Check three samples of monthly sales quantity and sales price

In [None]:
# Sample 1
plot_sales_num_and_price(articles.loc[0,"article_id"])

In [None]:
# Sample 2
plot_sales_num_and_price(articles.loc[1,"article_id"])

In [None]:
# Sample 3
print(articles.shape)
plot_sales_num_and_price(articles.loc[3,"article_id"])

# Calc. correlation coefficient between the number of units sold and the average price

In [None]:
# Correlation coefficients between price and quantity are calculated for each product.
corrcoef_array = []
articles["count_price_coef"] = 0
articles["valid_coef_num"] = 0
for i in tqdm.tqdm(articles.index):
    stand_count = articles.iloc[i,27:52].values
    stand_price = articles.iloc[i,52:77].values
    new_a = []
    new_b = []
    for item1,item2 in zip(stand_count,stand_price):
        if not (np.isnan(item1) or np.isnan(item2)):
            new_a.append(item1)
            new_b.append(item2)
    stand_count = new_a
    stand_price = new_b
    tmp = np.corrcoef(stand_count,stand_price)
    articles.loc[i,"count_price_coef"] = tmp[0,1]
    articles.loc[i,"valid_coef_num"] = len(stand_count)
    
# Exclude products that have many months in which not a single unit is sold.(Here, n=10)
articles = articles[articles["valid_coef_num"]>=10]


In [None]:
# Create a histogram of correlation coefficients
fig = plt.figure()
ax = fig.add_subplot(1, 1, 1)
ax.hist(articles["count_price_coef"],bins=10)
plt.xlabel('Correlation coefficient[-]')
plt.ylabel('Freaquency[-]')

In [None]:
# Check one of the scatter and transition graphs for products with large correlation coefficients as a sample.
large_corr_id = articles[articles["count_price_coef"]>0.8].iloc[0].article_id
i = articles[articles["article_id"] == large_corr_id].index[0]
stand_count = articles.iloc[i,27:52].values
stand_price = articles.iloc[i,52:77].values
new_a = []
new_b = []
for item1,item2 in zip(stand_count,stand_price):
    if not (np.isnan(item1) or np.isnan(item2)):
        new_a.append(item1)
        new_b.append(item2)
stand_count = new_a
stand_price = new_b
tmp = np.corrcoef(stand_count,stand_price)
articles.loc[i,"count_price_coef"] = tmp[0,1]
articles.loc[i,"valid_coef_num"] = len(stand_count)
plt.plot(stand_count,stand_price,'x')
plot_sales_num_and_price(articles.loc[i,"article_id"])

# Restricted to channel=1 and channel = 2
Uncomment the code at the beginning to get the result when limited.  
- channel = 1  
https://cdn.discordapp.com/attachments/957917652846796830/958133553940557824/channel1.png  
- channel = 2  
https://cdn.discordapp.com/attachments/957917652846796830/958133554154459227/channel2.png

# Summary and Discussion
・I would have expected sales to increase when a sale occurs, but perhaps the trend is more toward lower prices when sales go down.    
・The correlation between the number of units sold and price is more apparent online.

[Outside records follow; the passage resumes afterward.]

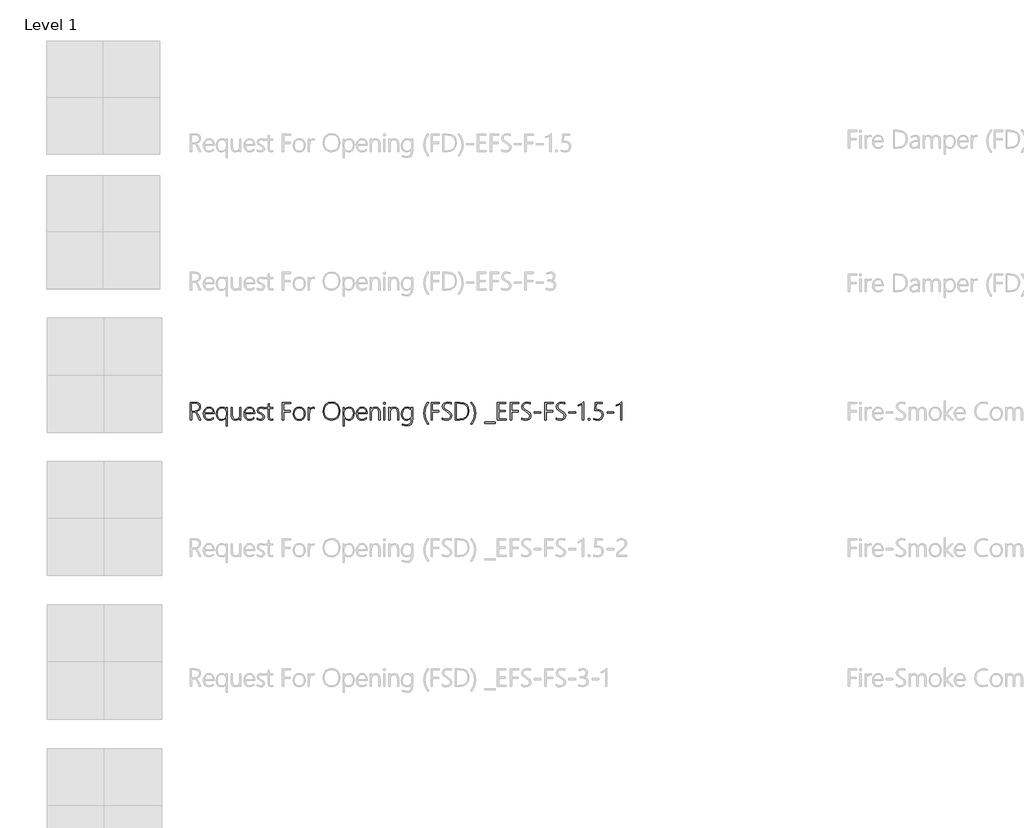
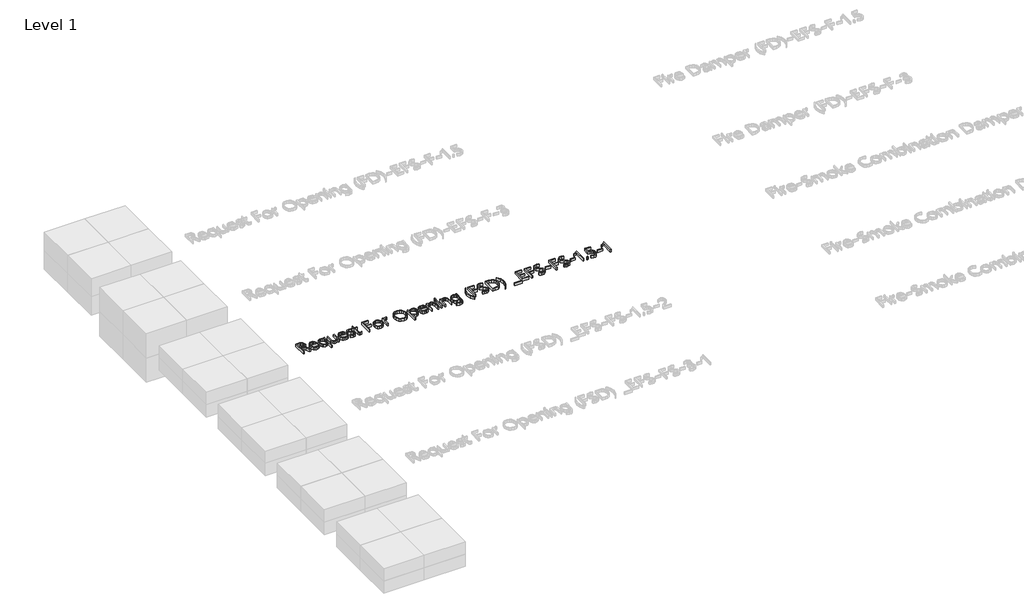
# One storey, part 7 of 13: 1 proxy.
"""IFC4 building model written with IfcOpenShell, lengths in millimetres."""

from ifc_helpers import new_model, si_unit, origin, origin_with_axes, place, context, project, spatial, polyline, outline, extrude, element, save

model = new_model("IFC4")

# Units and contexts
model_context = context("Model", 3, world=origin())
ifc_project = project(units=[si_unit("LENGTHUNIT", "METRE", prefix="MILLI")], contexts=[model_context])

# Site, building, storey
site = spatial("IfcSite", under=ifc_project)
building = spatial("IfcBuilding", under=site)
storey = spatial("IfcBuildingStorey", under=building, Name="Level 1", Elevation=0.0)

# Proxy
placement = place(None, origin())
element("IfcBuildingElementProxy", 1, Name="24\" Arial", ObjectType="24\" Arial", at=placement, inside=storey, context=model_context, shape_type="SweptSolid", body=[
    extrude(outline(polyline([(-15088.6743908, 6224.970856), (-15102.0044774, 6254.2494391), (-15110.2316402, 6266.4339713), (-15120.5713837, 6269.543333), (-15132.9790759, 6269.543333), (-15132.9790759, 6224.970856), (-15139.8821565, 6224.970856), (-15139.8821565, 6324.9762601), (-15112.121061, 6324.9762601), (-15100.2973039, 6323.1872613), (-15091.307678, 6317.8202649), (-15085.6282578, 6309.5298735), (-15083.7351177, 6298.9706894), (-15085.2860792, 6289.0363531), (-15089.9389638, 6280.8947349), (-15097.3813475, 6274.9400841), (-15107.3008065, 6271.5666498), (-15095.7262447, 6256.8380943), (-15080.8786706, 6224.970856), (-15088.6743908, 6224.970856)]), holes=[polyline([(-15132.9790759, 6318.638518), (-15132.9790759, 6275.8215658), (-15115.7511292, 6275.8215658), (-15105.4783337, 6277.3204567), (-15097.5710334, 6281.8171293), (-15092.527619, 6288.9247731), (-15090.8464808, 6298.2565776), (-15092.3639684, 6306.7738483), (-15096.916431, 6313.2231703), (-15104.2955861, 6317.2846811), (-15114.293151, 6318.638518), (-15132.9790759, 6318.638518)])]), origin_with_axes(), (0.0, 0.0, 1.0), 20.0),
    extrude(outline(polyline([(-15059.7528637, 6260.4086532), (-15058.0531289, 6247.2868492), (-15052.9539245, 6237.3785482), (-15044.8941316, 6231.1523862), (-15034.3126315, 6229.0769988), (-15022.4405231, 6231.2937208), (-15010.8659614, 6237.9438867), (-15010.8659614, 6231.1003155), (-15022.6041738, 6225.1865773), (-15035.6218364, 6223.2153313), (-15048.1039153, 6225.6924065), (-15057.9378296, 6233.1236322), (-15064.3202036, 6245.0701272), (-15066.4476617, 6261.0930103), (-15064.223501, 6275.4868259), (-15057.551019, 6287.4258822), (-15047.3228555, 6295.4596398), (-15034.4316501, 6298.1375589), (-15022.6748411, 6295.798099), (-15014.0050777, 6288.7797192), (-15008.6603974, 6277.7221445), (-15006.8788373, 6263.2651003), (-15006.8788373, 6260.4086532), (-15059.7528637, 6260.4086532)]), holes=[polyline([(-15013.5736352, 6266.2703207), (-15015.284528, 6277.2200347), (-15019.5245667, 6285.4323202), (-15026.07803, 6290.5649986), (-15034.7291967, 6292.2758914), (-15043.8973506, 6290.5910339), (-15051.347173, 6285.5364615), (-15056.676976, 6277.3502113), (-15059.4850718, 6266.2703207), (-15013.5736352, 6266.2703207)])]), origin_with_axes(), (0.0, 0.0, 1.0), 20.0),
    extrude(outline(polyline([(-14938.2348423, 6192.1217141), (-14938.2348423, 6238.09266), (-14948.946519, 6226.9346634), (-14964.3891863, 6223.2153313), (-14976.4695772, 6225.6738098), (-14985.9315583, 6233.0492456), (-14992.0461405, 6244.597772), (-14994.0843345, 6259.5755228), (-14991.7671906, 6275.4979839), (-14984.8157587, 6287.7383061), (-14974.2863292, 6295.5377457), (-14961.2351926, 6298.1375589), (-14947.5629274, 6294.8050373), (-14938.5026342, 6284.8074724), (-14938.2348423, 6296.3820342), (-14931.8078363, 6296.3820342), (-14931.8078363, 6192.1217141), (-14938.2348423, 6192.1217141)]), holes=[polyline([(-14938.2348423, 6267.7878083), (-14939.7858038, 6277.5250199), (-14944.4386884, 6285.3728109), (-14951.8438788, 6290.5501213), (-14961.6517578, 6292.2758914), (-14971.8055347, 6290.1409947), (-14980.0698908, 6283.7363047), (-14985.5596251, 6273.4932638), (-14987.3895366, 6259.8433147), (-14985.7604691, 6247.015338), (-14980.8732666, 6237.2744069), (-14973.3899702, 6231.1263508), (-14963.9726211, 6229.0769988), (-14952.9448011, 6230.9961742), (-14944.8552536, 6236.7537004), (-14939.8899451, 6245.2858485), (-14938.2348423, 6255.5288893), (-14938.2348423, 6267.7878083)])]), origin_with_axes(), (0.0, 0.0, 1.0), 20.0),
    extrude(outline(polyline([(-14861.7951271, 6224.970856), (-14861.7951271, 6237.9438867), (-14871.5620934, 6226.8974701), (-14885.0930239, 6223.2153313), (-14896.1710549, 6225.2088933), (-14904.0839341, 6231.1895795), (-14908.8316616, 6241.1573898), (-14910.4142375, 6255.1123241), (-14910.4142375, 6296.3820342), (-14903.9277221, 6296.3820342), (-14903.9277221, 6256.689321), (-14902.7338165, 6244.1812068), (-14899.1520996, 6235.6379008), (-14893.0040435, 6230.7172243), (-14884.1111202, 6229.0769988), (-14875.0917397, 6230.9069102), (-14867.9692185, 6236.3966445), (-14863.3386499, 6244.9436699), (-14861.7951271, 6255.9454546), (-14861.7951271, 6296.3820342), (-14855.3978757, 6296.3820342), (-14855.3978757, 6224.970856), (-14861.7951271, 6224.970856)])), origin_with_axes(), (0.0, 0.0, 1.0), 20.0),
    extrude(outline(polyline([(-14831.2370938, 6260.4086532), (-14829.537359, 6247.2868492), (-14824.4381545, 6237.3785482), (-14816.3783617, 6231.1523862), (-14805.7968616, 6229.0769988), (-14793.9247532, 6231.2937208), (-14782.3501914, 6237.9438867), (-14782.3501914, 6231.1003155), (-14794.0884038, 6225.1865773), (-14807.1060665, 6223.2153313), (-14819.5881453, 6225.6924065), (-14829.4220597, 6233.1236322), (-14835.8044337, 6245.0701272), (-14837.9318917, 6261.0930103), (-14835.7077311, 6275.4868259), (-14829.0352491, 6287.4258822), (-14818.8070856, 6295.4596398), (-14805.9158802, 6298.1375589), (-14794.1590711, 6295.798099), (-14785.4893078, 6288.7797192), (-14780.1446274, 6277.7221445), (-14778.3630673, 6263.2651003), (-14778.3630673, 6260.4086532), (-14831.2370938, 6260.4086532)]), holes=[polyline([(-14785.0578653, 6266.2703207), (-14786.7687581, 6277.2200347), (-14791.0087968, 6285.4323202), (-14797.5622601, 6290.5649986), (-14806.2134268, 6292.2758914), (-14815.3815806, 6290.5910339), (-14822.831403, 6285.5364615), (-14828.161206, 6277.3502113), (-14830.9693018, 6266.2703207), (-14785.0578653, 6266.2703207)])]), origin_with_axes(), (0.0, 0.0, 1.0), 20.0),
    extrude(outline(polyline([(-14764.1105863, 6228.0950951), (-14764.1105863, 6235.8610607), (-14755.318085, 6230.8920329), (-14746.4065651, 6229.0769988), (-14733.798029, 6232.5136617), (-14729.5951836, 6242.8236506), (-14733.2847611, 6250.9020401), (-14745.2758881, 6257.819998), (-14759.6771424, 6267.0588191), (-14763.8130398, 6278.6780129), (-14762.1504983, 6286.5592778), (-14757.1628738, 6292.7668433), (-14740.7531802, 6298.1375589), (-14724.9832117, 6294.3587174), (-14724.9832117, 6287.098581), (-14741.4375373, 6292.2758914), (-14752.8038165, 6288.6160685), (-14757.1182418, 6279.0945781), (-14754.410568, 6270.8227833), (-14742.419441, 6263.5328922), (-14727.080915, 6254.2196844), (-14722.9003856, 6242.8236506), (-14724.4959792, 6235.0539656), (-14729.2827597, 6228.7645749), (-14736.8739167, 6224.6026422), (-14746.8826396, 6223.2153313), (-14764.1105863, 6228.0950951)])), origin_with_axes(), (0.0, 0.0, 1.0), 20.0),
    extrude(outline(polyline([(-14676.9294397, 6225.9527597), (-14686.3616662, 6223.5723871), (-14698.2337745, 6228.318255), (-14702.191144, 6242.5558587), (-14702.191144, 6290.5203666), (-14715.0154014, 6290.5203666), (-14715.0154014, 6296.3820342), (-14702.191144, 6296.3820342), (-14702.191144, 6314.9191858), (-14698.977641, 6316.0498628), (-14695.764138, 6317.0912758), (-14695.764138, 6296.3820342), (-14676.9294397, 6296.3820342), (-14676.9294397, 6290.5203666), (-14695.764138, 6290.5203666), (-14695.764138, 6243.3889891), (-14693.4283973, 6232.6773124), (-14685.5285358, 6229.3745454), (-14676.9294397, 6231.9334459), (-14676.9294397, 6225.9527597)])), origin_with_axes(), (0.0, 0.0, 1.0), 20.0),
    extrude(outline(polyline([(-14615.0099974, 6318.638518), (-14615.0099974, 6277.8448825), (-14578.0547127, 6277.8448825), (-14578.0547127, 6271.5666498), (-14615.0099974, 6271.5666498), (-14615.0099974, 6224.970856), (-14621.9130779, 6224.970856), (-14621.9130779, 6324.9762601), (-14575.1685109, 6324.9762601), (-14575.1685109, 6318.638518), (-14615.0099974, 6318.638518)])), origin_with_axes(), (0.0, 0.0, 1.0), 20.0),
    extrude(outline(polyline([(-14527.9776241, 6223.2153313), (-14541.9697518, 6225.7891091), (-14552.7037445, 6233.5104428), (-14559.5324384, 6245.3453578), (-14561.8086697, 6260.2598799), (-14559.4282971, 6276.115393), (-14552.2871793, 6288.095362), (-14541.2630787, 6295.6270097), (-14527.2337576, 6298.1375589), (-14513.5503345, 6295.641887), (-14503.087853, 6288.1548713), (-14496.4488451, 6276.2567277), (-14494.2358424, 6260.5276718), (-14496.4934771, 6245.4494991), (-14503.266381, 6233.5401974), (-14513.959461, 6225.7965478), (-14527.9776241, 6223.2153313)]), holes=[polyline([(-14527.5015495, 6292.2758914), (-14538.8380741, 6290.1484334), (-14547.615698, 6283.7660594), (-14553.2393283, 6273.5974051), (-14555.1138717, 6260.1111066), (-14553.2839603, 6247.4728158), (-14547.794226, 6237.5868308), (-14539.128182, 6231.2044568), (-14527.7693415, 6229.0769988), (-14516.3621496, 6231.1709828), (-14507.9081076, 6237.4529349), (-14502.6750072, 6247.4467805), (-14500.9306404, 6260.6764451), (-14502.6638492, 6274.166463), (-14507.8634756, 6284.1082379), (-14516.2394117, 6290.233978), (-14527.5015495, 6292.2758914)])]), origin_with_axes(), (0.0, 0.0, 1.0), 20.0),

It is difficult to imagine that a lower price would result in fewer sales, and it is reasonable to assume that a lower price would result in fewer sales. We considered the following.    
offline：Customers will buy at a lower price for the purpose of inventory clearance if they buy at a lower price.  
online: Even if it's cheaper, don't buy things that are out of season or out of style (perhaps they can buy them when you need them when online). 
・If a correlation was found, we thought that if we knew the cycle of price reductions, we could determine when the number of units sold would increase, but two years of data were not sufficient to do so.    
・From the graph of fluctuations: overall, many clothing prices are falling (if it is natural to say so).    
・I still think it would be better to treat the number of units sold as the feature quantity rather than the price.